▶

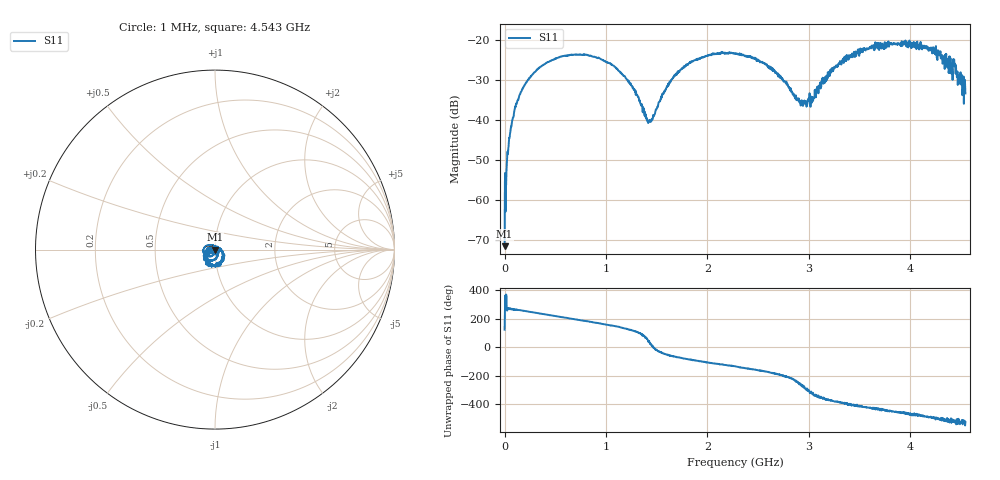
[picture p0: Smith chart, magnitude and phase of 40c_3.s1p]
# HZ S RI R 50
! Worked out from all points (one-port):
!   1515 points, 1 MHz to 4.543 GHz, reference 50 ohm
!   lowest |S11| = -71.5 dB at 1 MHz (marker M1), VSWR 1.00, Z = 50 + j0.0224 ohm
!   |S11| at or under -10 dB: start of sweep to end of sweep
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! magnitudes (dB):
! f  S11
! 1 MHz  -71.5
! 25 MHz  -49.7
! 43 MHz  -45.7
! 85 MHz  -39.3
! 127 MHz  -35.2
! 193 MHz  -31.5
! 310 MHz  -27.7
! 571 MHz  -24.0
! 910 MHz  -24.4
! 1.138 GHz  -27.9
! 1.27 GHz  -32.1
! 1.429 GHz  -40.0
! 1.609 GHz  -31.6
! 1.705 GHz  -28.3
! 2.002 GHz  -24.0
! 2.272 GHz  -23.4
! 2.566 GHz  -25.8
! 2.842 GHz  -33.6
! 2.926 GHz  -35.1
! 3.034 GHz  -34.3
! 3.208 GHz  -27.5
! 3.409 GHz  -23.7
! 3.664 GHz  -21.2
! 3.976 GHz  -21.5
! 4.291 GHz  -23.1
! 4.396 GHz  -24.5
! 4.441 GHz  -25.9
! 4.543 GHz  -33.3

◀

The copy must match every line of the data exactly and contain no pictures.

■ RESULT OF THE TASK
[picture p0: Smith chart, magnitude and phase of 40c_3.s1p]
# HZ S RI R 50
! Worked out from all points (one-port):
!   1515 points, 1 MHz to 4.543 GHz, reference 50 ohm
!   lowest |S11| = -71.5 dB at 1 MHz (marker M1), VSWR 1.00, Z = 50 + j0.0224 ohm
!   |S11| at or under -10 dB: start of sweep to end of sweep
! magnitudes (dB):
! f  S11
! 1 MHz  -71.5
! 25 MHz  -49.7
! 43 MHz  -45.7
! 85 MHz  -39.3
! 127 MHz  -35.2
! 193 MHz  -31.5
! 310 MHz  -27.7
! 571 MHz  -24.0
! 910 MHz  -24.4
! 1.138 GHz  -27.9
! 1.27 GHz  -32.1
! 1.429 GHz  -40.0
! 1.609 GHz  -31.6
! 1.705 GHz  -28.3
! 2.002 GHz  -24.0
! 2.272 GHz  -23.4
! 2.566 GHz  -25.8
! 2.842 GHz  -33.6
! 2.926 GHz  -35.1
! 3.034 GHz  -34.3
! 3.208 GHz  -27.5
! 3.409 GHz  -23.7
! 3.664 GHz  -21.2
! 3.976 GHz  -21.5
! 4.291 GHz  -23.1
! 4.396 GHz  -24.5
! 4.441 GHz  -25.9
! 4.543 GHz  -33.3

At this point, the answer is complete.